# Social Security and National Insurance



## celticweb (Mar 26, 2016)

Hello everyone

I have more questions now this time regarding national insurance and social security. I was searching online and not clear what the rules are and hope some of you kind people might know.

I spent my whole adult life in the UK so only ever paid national insurance contributions through an employer. However I may be leaving my job later this year.

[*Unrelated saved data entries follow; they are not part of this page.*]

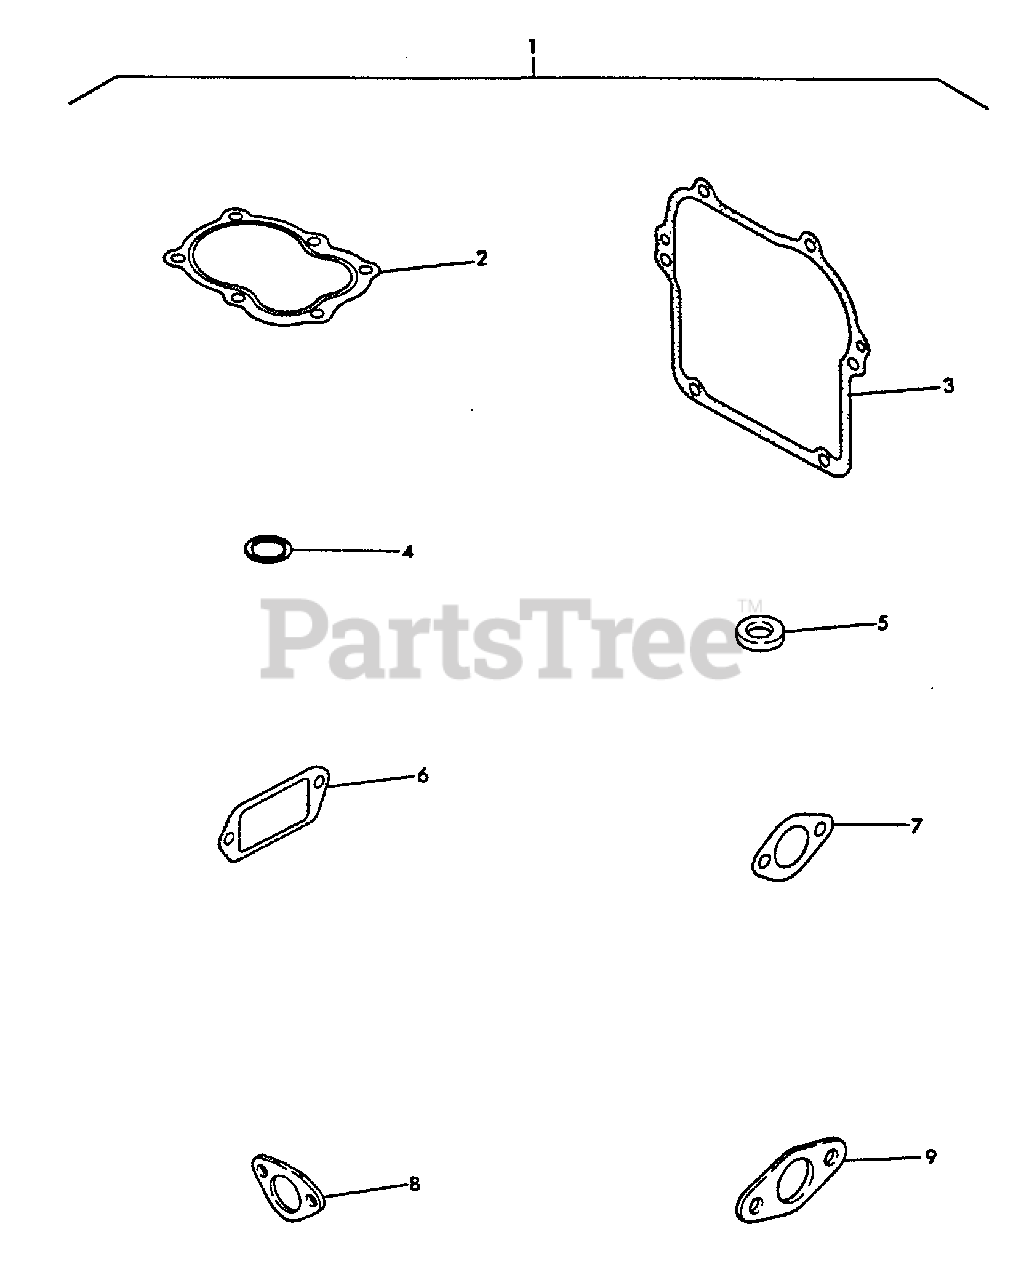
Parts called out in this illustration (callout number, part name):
1	GASKET KIT
2	GASKET, CYLINDER
3	GASKET, CRANKCASE
4	O-RING - 18
5	GASKET
6	GASKET, BREATHER
7	GASKET, INTAKE
8	GASKET, EXHAUST
9	GASKET, INTAKE
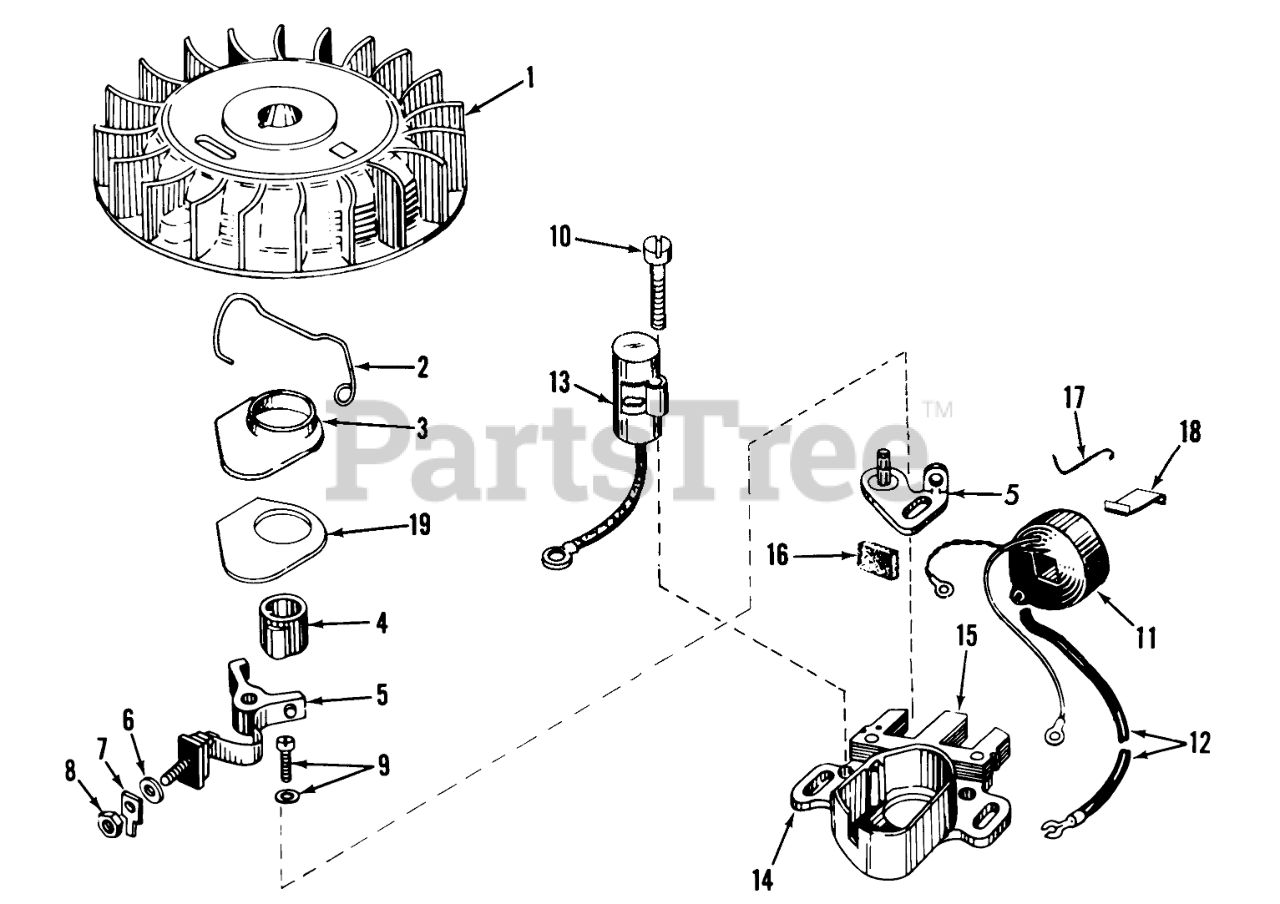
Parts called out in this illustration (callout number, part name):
1	Flywheel
2	Spring Breaker Box
3	Cover, Dust
4	Cam-Breaker
5	Breaker Assy.
7	Terminal
9	Breaker Screw
10	Screw, Condenser Fastening
11	Coil Assy., (Incl. Ref. Nos. 12, 13 & 18)
12	Wire, Lead
13	Condenser
14	Core & Plate
15	Stator Assy., (Incl. Nos. 2, 3, 5 thru 14 & 16 thru 19)
16	Felt,Cam Wiper
17	Clip, Coil
18	Spring Coil Wedge
19	Gasket Dust

So part of this 2016 year I will be unemployed, my UK partner partner earns so no need to rush back into employment for the remainder of the year once i leave my job. 

We have joint rental income from our starter flat, we upgraded to a house 10 years ago and just rent our first flat out (we are filing self assessment for that). So what happens after I leave my job? Would I automatically have to start paying social security if I'm not working for an employer or as self employed just receiving some rent or do i need to opt out? I am not interested in paying into the US system. What about if I go self-employed later on? Do i need to opt out of social security then? if yes how does one go about doing this. Everything becomes more of a mine field or confusion every day.

Hopefully some of you kind people can give me the facts if you know the answer.

thanks


----------



## BBCWatcher (Dec 28, 2012)

Nope. Unemployed people without earned income don't pay U.S. Social Security contributions, inside or outside the United States, self-employed or not.(*) Moreover, the U.K. and the U.S. have a social security treaty, so even if you're self-employed in the U.K. you don't have to make U.S. Social Security contributions provided you're making U.K. NI contributions.

That said, your instinct may not a good one, actually. "If only you were so lucky." U.S. Social Security is a _fantastic_ program for those who can get a couple years (or more) into it at relatively low (but non-trivial) contribution levels -- much better than U.K. NI. It's actuarily designed to be very generous to relatively low wage contributors, especially those with non-contributing spouses (same sex or opposite sex, and not necessarily in the present but at least in the future when retired). So if you are or appear to be in that cohort from the perspective of U.S. Social Security, and if you are required to contribute into that system, that's not a bad thing at all. You tend to get much more from the system than you put into it in such circumstances.

(*) "Arguable" Medicare exception: the Net Investment Income Tax. That's really a passive income surtax even though it's earmarked for Medicare from a funding perspective. If you have to pay only the NIIT it doesn't help you qualify for U.S. Medicare. You have to hit fairly high income levels to owe any NIIT -- possible if you're unemployed but not particularly common.


----------



## celticweb (Mar 26, 2016)

Thank you BBCWatcher
You always seem to know about every subject. What an asset to the forum.

So are you saying even if I pay something like 5 years into the Social Security system I can get something out of it later on? I am not trying to get something I don't deserve, just trying to find out if I deserve something with so little contributions.

I am not that keen to be paying two sets of national insurance/social security. can't really afford that to be honest so really has to be worthwhile.

thank you.


----------



## Bevdeforges (Nov 16, 2007)

Whoa - I don't think you're considered "self-employed" if you're just renting out a single flat (whether in the UK or back in the USSA). Paying into US Social Security from overseas is generally a matter of being "self-employed" within the US definition of the term. And if you are, then you pay double (i.e. 15% or so - both employer and employee portions) rather than just the 7.5% or whatever it's up to these days.

I'm also not sure that you get to choose whether or not you contribute to US Social Security from overseas. Especially from a country that has a Social Security treaty with the US.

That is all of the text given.